I have written a Python program for sending and receiving large files over UDP. Right now, I can hit speeds of about .01GB/s when transferring between two computers on a 10 Gigabit Ethernet cable. I'm looking to improve that speed significantly, but I'm unsure what the best approach is.

For what it's worth, I MUST USE UDP for the transfer. The program I wrote is merely a test for a larger project, and the device sending the data for that project can't utilize a TCP stream. Additionally, I'm primarily focused on the best way to receive datagrams quickly, or at least the best way of ensuring that the receiving end isn't where any bottlenecks occur.

Right now, my program works by chunking up a large file into several pieces that will become the datagrams to be sent. These datagrams are sent, and then the receiver does some stuff to ensure that it got the proper data and orders it accordingly.
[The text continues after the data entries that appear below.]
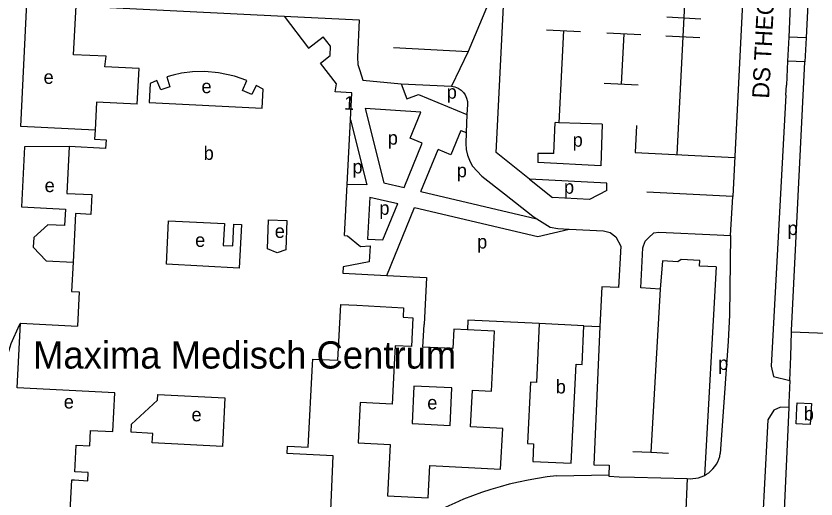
# Model space of a CAD drawing. Extents: x 161773 to 163836, y 384796 to 386521.
# Drawn here: x 161899.9 to 162134.8, y 384960.5 to 385102.4 of the extents above; entities that cross this region are included whole.
import ezdxf

# ---------------------------------------------------------------- set-up
doc = ezdxf.new("R2010")
doc.units = 0
for name, color, linetype in [('BLT_Basislijn', 7, 'Continuous'), ('BLT_Bebouwing', 7, 'Continuous'), ('BLT_Bebouwing_beschrifting', 7, 'Continuous'), ('BLT_Centroide', 7, 'Continuous'), ('BLT_Huisnummer', 7, 'Continuous'), ('BLT_Straatnaam', 7, 'Continuous'), ('BLT_Vlakafsluiter', 7, 'Continuous')]:
    doc.layers.add(name, color=color, linetype=linetype)

msp = doc.modelspace()

# ---------------------------------------------------------------- linework, layer by layer
at = {"layer": 'BLT_Basislijn'}
for p, q in [((162143.85, 385324.21), (162131.95, 385096.02)), ((162136.64, 385303.95), (162126.81, 385096.24)), ((162100.51, 385193.25), (162094.01, 385061.7)), ((162091, 385102.14), (162100.99, 385101.63)), ((162055.74, 385098.38), (162065.73, 385097.87)), ((162060.7, 385098.12), (162059.37, 385071.07)), ((162073.41, 385097.48), (162083.4, 385096.97)), ((162078.39, 385097.22), (162077.66, 385082.4)), ((162090.73, 385096.6), (162100.72, 385096.09)), ((162126.81, 385096.24), (162126.47, 385089.13)), ((162131.95, 385096.02), (162126.81, 385096.24)), ((162131.95, 385096.02), (162131.54, 385088.97)), ((162010.77, 385093.15), (162032.75, 385092.01)), ((162126.47, 385089.13), (162126.14, 385082.11)), ((162131.54, 385088.97), (162126.47, 385089.13)), ((162013.04, 385082.51), (162027.78, 385081.76)), ((162072.66, 385082.66), (162082.64, 385082.15)), ((162126, 385079.17), (162126.14, 385082.11)), ((162018.79, 385074.16), (162002.51, 385075.19)), ((162057.81, 385062.05), (162058.22, 385071.12)), ((162059.37, 385071.07), (162058.22, 385071.12)), ((162072.06, 385070.6), (162059.37, 385071.07)), ((162072.06, 385070.6), (162071.61, 385058.36)), ((162082.08, 385070.23), (162081.69, 385062.33)), ((162013.92, 385051.99), (162019.22, 385065.07)), ((162018.85, 385050.83), (162023.85, 385063.17)), ((162057.81, 385062.05), (162053.15, 385062.05)), ((162053.15, 385062.05), (162053.15, 385059.34)), ((162081.69, 385062.33), (162110.95, 385060.84)), ((162071.61, 385058.36), (162053.15, 385059.34)), ((162002.96, 385052.82), (161997.2, 385052.95)), ((162073.37, 385053.26), (162050.74, 385054.46)), ((162050.74, 385054.46), (162057.47, 385049.1)), ((162073.37, 385051.17), (162073.37, 385053.26)), ((162109.7, 385037.94), (162110.38, 385049.38)), ((162007.69, 385036.62), (162012.02, 385047.3)), ((162008.85, 385026.15), (162016.95, 385046.14)), ((162105.86, 385038.12), (162109.7, 385037.94)), ((162105.53, 385028.73), (162102.07, 384967.42)), ((162089.05, 385022.19), (162083.39, 385022.55)), ((162089.05, 385022.19), (162086.3, 384974.21)), ((162109.42, 385014.48), (162109.02, 385006.83)), ((162066.7, 385011.4), (162071.41, 385011.17)), ((162127.4, 385002.4), (162127.63, 385009.65)), ((162127.63, 385009.65), (162272.59, 385003.94)), ((162127.18, 384995.27), (162127.4, 385002.4)), ((162127.18, 384995.27), (162126.9, 384988.87)), ((162126.9, 384988.87), (162126.84, 384987.4)), ((162126.84, 384987.4), (162122.36, 384890.59)), ((162081.06, 384974.46), (162086.3, 384974.21)), ((162086.3, 384974.21), (162091.55, 384973.96)), ((162074.15, 384970.41), (162074, 384967.54)), ((162058.68, 384967.29), (162074, 384967.54)), ((162077.07, 384967.03), (162081.56, 384966.93)), ((162081.56, 384966.93), (162097.01, 384966.49)), ((162097.01, 384966.49), (162096.45, 384954.25))]:
    msp.add_line(p, q, dxfattribs=at)
for points in [[(162040.93, 385062.28), (162049.05, 385224.92), (162118.83, 385221.44)], [(162118.83, 385221.44), (162117.5, 385192.72), (162113.15, 385104.33), (162110.38, 385049.38)], [(161923.17, 385068.89), (161901.33, 385069.99), (161903.08, 385106.19)], [(161978.65, 385102.34), (162000.72, 385101.28), (162000.21, 385090.28)], [(162000.21, 385090.28), (162000.32, 385088.21), (162000.86, 385086.36), (162001.82, 385083.57), (162013.04, 385082.51)], [(162127.63, 385009.65), (162127.64, 385009.99), (162131.54, 385088.97)], [(162013.04, 385082.51), (162014.69, 385078.11), (162018.11, 385079.36), (162032.36, 385073.47)], [(162027.78, 385081.76), (162028.83, 385081.56), (162029.78, 385081.18), (162030.63, 385080.62), (162031.32, 385079.95), (162031.82, 385079.23), (162032.23, 385078.3), (162032.46, 385077.3), (162032.49, 385076.39), (162032.36, 385073.47)], [(162126, 385079.17), (162121.65, 384999.49), (162122.36, 384996.48), (162127.18, 384995.27)], [(162002.51, 385075.19), (162007.97, 385053.38), (162013.92, 385051.99)], [(162019.22, 385065.07), (162015.67, 385066.54), (162018.79, 385074.16)], [(162032.36, 385073.47), (162032.14, 385068.15)], [(161998.17, 385071.94), (162002.96, 385052.82)], [(162030.55, 385068.81), (162027.61, 385061.62), (162023.85, 385063.17)], [(162030.55, 385068.81), (162032.14, 385068.15)], [(162032.14, 385068.15), (162032, 385064.91), (162032.1, 385063.23), (162032.49, 385061.53), (162033.28, 385059.52), (162034.01, 385058.26), (162036.73, 385055.32), (162043.34, 385050.14), (162051.71, 385043.57), (162052.85, 385042.85)], [(161915.52, 385064.04), (161902.42, 385063.98), (161901.52, 385046.33), (161914.47, 385045.67), (161914.23, 385040.84), (161909.3, 385041.09), (161905.15, 385037.28), (161905.01, 385034.49), (161908.76, 385030.44), (161916.69, 385030.03)], [(162050.74, 385054.46), (162040.93, 385062.28)], [(162018.85, 385050.83), (162052.85, 385042.85)], [(162073.37, 385051.17), (162068.29, 385048.5), (162057.47, 385049.1)], [(162110.38, 385049.38), (162085.2, 385050.6)], [(162003.82, 385049.22), (162003.17, 385036.87), (162007.69, 385036.62)], [(162003.82, 385049.22), (162012.02, 385047.3)], [(162016.95, 385046.14), (162053.18, 385037.63), (162062.36, 385039.79)], [(162052.85, 385042.85), (162056.76, 385040.34), (162059.03, 385039.96), (162062.36, 385039.79)], [(162062.36, 385039.79), (162072.4, 385039.29), (162074.44, 385038.78), (162076.1, 385037.55), (162077.51, 385034.81), (162076.87, 385022.6)], [(162083.39, 385022.55), (162083.96, 385034.25), (162084.7, 385036.23), (162085.69, 385037.27), (162087.19, 385038.71), (162088.72, 385038.89), (162105.86, 385038.12)], [(162109.7, 385037.94), (162109.42, 385014.48)], [(162105.53, 385028.73), (162100.63, 385028.93), (162100.7, 385030.61), (162095.22, 385030.83), (162094.28, 385030.2), (162089.74, 385030.48), (162089.05, 385022.19)], [(162076.87, 385022.6), (162071.91, 385022.81), (162071.41, 385011.17)], [(162053.59, 385012.03), (162032.64, 385013.04), (162032.49, 385010.18)], [(161901.22, 385012.12), (161900.86, 385011.6), (161898.39, 385006.11), (161896.34, 384999.22), (161894.34, 384986.25), (161894.49, 384982.12), (161897.13, 384949.44), (161897.27, 384944.89), (161897.04, 384935.87), (161897.37, 384931.09), (161898.71, 384923.27), (161900.44, 384916.67), (161901.61, 384913.87), (161902.51, 384914.77), (161903.09, 384925.99), (161911.95, 384925.55)], [(162071.41, 385011.17), (162069.64, 384970.56), (162074.15, 384970.41)], [(162109.02, 385006.83), (162107.26, 384982.01), (162106.74, 384973.85)], [(162126.84, 384987.4), (162124.39, 384987.51), (162122.48, 384986.63), (162120.73, 384983.77), (162118.27, 384936.88)], [(162102.07, 384967.42), (162102.65, 384967.73), (162103.34, 384968.21), (162103.99, 384968.74), (162104.58, 384969.34), (162105.11, 384969.99), (162105.58, 384970.68), (162105.98, 384971.42), (162106.31, 384972.2), (162106.56, 384973), (162106.74, 384973.85)], [(162058.68, 384967.29), (162055.88, 384966.95), (162053.08, 384966.53), (162050.3, 384966.04), (162047.53, 384965.46), (162044.78, 384964.8), (162042.05, 384964.07), (162039.34, 384963.27), (162036.65, 384962.38), (162033.99, 384961.42), (162031.36, 384960.39), (162028.76, 384959.28), (162026.19, 384958.09), (162023.66, 384956.84), (162021.16, 384955.51), (162018.7, 384954.12), (162016.28, 384952.65), (162013.9, 384951.12)], [(162074, 384967.54), (162074.01, 384967.23), (162077.07, 384967.03)], [(162097.01, 384966.49), (162097.85, 384966.43), (162098.69, 384966.46), (162099.52, 384966.56), (162100.34, 384966.74), (162101.14, 384967), (162101.91, 384967.33), (162102.07, 384967.42)]]:
    msp.add_lwpolyline(points, dxfattribs=at)
at = {"layer": 'BLT_Bebouwing'}
for p, q in [((161923.17, 385068.89), (161923.03, 385066.26)), ((161917.43, 385044.35), (161916.69, 385030.03)), ((161900.27, 384993.15), (161901.22, 385012.12)), ((161901.22, 385012.12), (161917.99, 385011.26)), ((162050.96, 384994.82), (162050.12, 384976.75)), ((161928.93, 384991.69), (161900.27, 384993.15)), ((161928.36, 384980.31), (161928.93, 384991.69)), ((161961.29, 384990.21), (161960.58, 384975.91)), ((162129.24, 384987.29), (162129.31, 384988.76)), ((162129.31, 384988.76), (162133.46, 384988.55))]:
    msp.add_line(p, q, dxfattribs=at)
for points in [[(161935.54, 385076.52), (161936.08, 385086.96), (161926.03, 385087.46), (161926.44, 385090.58), (161916.87, 385091), (161917.59, 385105.41)], [(161917.59, 385105.41), (161978.65, 385102.34)], [(161978.65, 385102.34), (161985.82, 385092.94), (161990.12, 385096.3)], [(161998.57, 385079.87), (161993.69, 385080.11), (161994.03, 385082.47), (161989.33, 385088.58), (161992.22, 385090.86), (161992.3, 385093.58), (161990.12, 385096.3)], [(161998.17, 385071.94), (161998.57, 385079.87)], [(161935.54, 385076.52), (161923.54, 385077.06), (161923.17, 385068.89)], [(161997.2, 385052.95), (161998.17, 385071.94)], [(161915.52, 385064.04), (161914.85, 385050.3), (161922.24, 385049.93), (161921.94, 385044.12), (161917.43, 385044.35)], [(161923.03, 385066.26), (161926.41, 385066.06), (161926.25, 385063.51), (161915.52, 385064.04)], [(161996.44, 385037.9), (161997.2, 385052.95)], [(161944.09, 385029.47), (161944.76, 385042.27), (161961.12, 385041.41), (161960.78, 385035), (161963.59, 385034.85), (161963.93, 385041.27), (161966.18, 385041.15), (161965.51, 385028.34), (161944.09, 385029.47)], [(161974.07, 385042.49), (161979.43, 385042.33), (161979.17, 385033.68), (161976.58, 385032.82), (161973.82, 385034.04), (161974.07, 385042.49)], [(161996.44, 385037.9), (161997.28, 385037.85), (162001.08, 385034.7), (162003.97, 385034.86), (162003.68, 385030.21), (161995.97, 385028.69), (161995.87, 385026.83)], [(161916.69, 385030.03), (161916.25, 385021.43), (161918.46, 385021.31), (161917.99, 385011.26)], [(161995.87, 385026.83), (162008.85, 385026.15)], [(162008.85, 385026.15), (162020.47, 385025.54), (162019.78, 385011.79)], [(161992.29, 384954.85), (161993.03, 384973.17), (161981.31, 384973.78), (161979.55, 384973.89), (161979.66, 384976.04), (161985.74, 384975.72), (161987.02, 385000), (161987.1, 385001.61), (161994.46, 385001.23), (161995.32, 385017.65)], [(161995.32, 385017.65), (162000, 385017.4), (162013.75, 385016.68), (162013.61, 385013.92), (162016.47, 385013.76), (162016.02, 385005.25), (162011.24, 385005.5), (162010.95, 385000), (162010.34, 384988.37), (162001, 384988.86), (162000.38, 384976.99), (162009.83, 384976.5), (162009.03, 384961.42), (162020.99, 384960.79), (162021.49, 384970.31), (162042.21, 384969.22), (162042.84, 384981.17), (162033.42, 384981.67), (162033.99, 384992.48), (162039.54, 384992.18), (162039.96, 385000), (162040.47, 385009.76), (162032.49, 385010.18)], [(162032.49, 385010.18), (162028.54, 385010.39), (162028.24, 385004.68), (162019.43, 385005.14), (162019.78, 385011.79)], [(162050.12, 384976.75), (162051.9, 384976.66), (162051.67, 384971.5), (162062.98, 384970.96), (162064.38, 385000.07), (162066.15, 384999.98), (162066.7, 385011.4)], [(162053.59, 385012.03), (162052.75, 384994.73), (162050.96, 384994.82)], [(162066.7, 385011.4), (162053.59, 385012.03)], [(161933.74, 384980.07), (161933.87, 384982.49), (161941.48, 384989.55), (161941.56, 384991.18), (161961.29, 384990.21)], [(162130.87, 384982.47), (162129.01, 384982.56), (162129.24, 384987.29)], [(162133.46, 384988.55), (162133.15, 384982.36), (162130.87, 384982.47)], [(161917.13, 384966.06), (161921.04, 384965.86), (161921.17, 384968.3), (161917.25, 384968.5), (161917.65, 384976.28), (161921.59, 384976.08), (161921.83, 384980.61), (161928.36, 384980.31)], [(161960.58, 384975.91), (161939.96, 384977.01), (161940.11, 384979.73), (161933.74, 384980.07)], [(161911.95, 384925.55), (161913.38, 384953.36), (161915.69, 384953.24), (161916.35, 384966.1), (161917.13, 384966.06)]]:
    msp.add_lwpolyline(points, dxfattribs=at)
for points in [[(161939.07, 385076.98), (161972.21, 385075.37), (161972.51, 385080.92), (161970.46, 385082.04), (161969.17, 385079.37), (161966.48, 385080.57), (161967.73, 385083.47), (161964.13, 385084.76), (161959.39, 385085.71), (161955.42, 385086.1), (161951.78, 385086.06), (161948.51, 385085.66), (161946.07, 385085.07), (161944.24, 385084.57), (161945.13, 385081.64), (161942.46, 385080.71), (161941.34, 385083.49), (161939.31, 385082.54)], [(162016.77, 384993.66), (162016.28, 384982.68), (162027.4, 384982.09), (162027.92, 384993.11)]]:
    msp.add_lwpolyline(points, close=True, dxfattribs=at)
at = {"layer": 'BLT_Vlakafsluiter'}
for p, q in [((162038.05, 385104.84), (162032.75, 385092.01)), ((162032.75, 385092.01), (162027.78, 385081.76))]:
    msp.add_line(p, q, dxfattribs=at)

# ---------------------------------------------------------------- texts
at = {"layer": 'BLT_Bebouwing_beschrifting'}
msp.add_text('Maxima Medisch Centrum', height=8, dxfattribs=at).set_placement((161904.95, 384998.81))
at = {"layer": 'BLT_Centroide'}
for s, p in [('e', (161908.04, 385082.49)), ('e', (161954.4, 385079.74)), ('p', (162026.4, 385078.12)), ('p', (162009.1, 385064.61)), ('p', (162063.38, 385064.01)), ('b', (161955.04, 385060.14)), ('p', (161998.74, 385056.16)), ('p', (162029.36, 385055.03)), ('e', (161908.35, 385050.67)), ('p', (162060.83, 385050.19)), ('p', (162006.62, 385044)), ('p', (162126.48, 385038.05)), ('e', (161975.92, 385037.21)), ('e', (161952.54, 385034.57)), ('p', (162035.33, 385034.09)), ('p', (162106.11, 384998.39)), ('b', (162058.41, 384991.48)), ('e', (161913.97, 384987.07)), ('e', (162020.69, 384986.8)), ('b', (162131.23, 384983.56)), ('e', (161951.48, 384983.3))]:
    msp.add_text(s, height=4, dxfattribs=at).set_placement(p)
at = {"layer": 'BLT_Huisnummer'}
msp.add_text('1', height=4, rotation=356.987, dxfattribs=at).set_placement((161996.2, 385074.94))
at = {"layer": 'BLT_Straatnaam'}
msp.add_text('DS THEODOR FLIEDNERSTRAAT', height=5, rotation=87.0091, dxfattribs=at).set_placement((162121.04, 385078.07))

doc.saveas('drawing.dxf')

Sending Code (stripped down to basics)

buf = 32000  #Size of each chunk/packet
s = socket.socket(socket.AF_INET,socket.SOCK_DGRAM)
host ="127.0.0.1"
port = 5005
addr = (host,port)    

def read_in_chunks(infile, chunk_size=buf):
"""Chunk the file before we send it.
Arguments:
infile -- the file to chunk
chunk_size -- the size of the chunk in bytes (default 32KB)
"""
    while True:
        chunk = infile.read(chunk_size)
        if chunk:
            yield chunk
        else:
            # The chunk was empty, which means we're at the end of the file
            return

def run():
    for chunk in read_in_chunks(f):
        if(s.sendto(chunk,addr) and s.sendto(id,addr)):
            #Some acknowledgment stuff - removed for clarity (also noted to not impact performance)
            local_ID += 1

Receiving Code:

UDP_IP = "127.0.0.1"
UDP_PORT = 5005
buf = 32000  # Buffer size in bytes for each chunk
sock = socket.socket(socket.AF_INET,  # Internet
                 socket.SOCK_DGRAM)  # UDP
sock.bind((UDP_IP, UDP_PORT))

try:
    while(dataChunk):
        actualNumChunks += 1
        f.write(dataChunk)
        sock.settimeout(2)
        dataChunk, addr = sock.recvfrom(buf)
        packID, junkAddr = sock.recvfrom(buf)
        packIDString = str(packID)
except socket.timeout:
    f.close()
    sock.close()
    print "File received!"  # --KEEP
    print "A total of " + str(actualNumChunks) +" chunks were received"            --KEEP

I'm not sure if optimizing my code is the issue (yet to be tested), or if there is another (better?) way of getting increased speed for the file transfer. I apologize if the details here are sparse, but let me know if you need any more information.

Thanks!


Solution 1:

Some approaches to try:

  1. Varied packet sizes (depending on MTU, might cause the chunk to be fragmented to several packets, or might be too small to optimally use the pipe)
  2. Read the file to memory (the network speed might be 10gbps, but the disk is way slower, especially if it isn't an SSD - typically an order of magnitude or more slower), start sending after it has all been cached. You can try sending a the same block of data many times to check if this is the bottleneck.
  3. Compression might help. ZLIB is very very very fast, and would mean you could transfer a lot more data in way less time,

Other points:

  • Packet loss and ordering might make a proper transfer problematic, even in a simple 1-to-1 link. You'll need error-detection/retry functionality for this to work.
  • Kernel/User mode changes might slow you down (doubt it, and this is super micro-optimization)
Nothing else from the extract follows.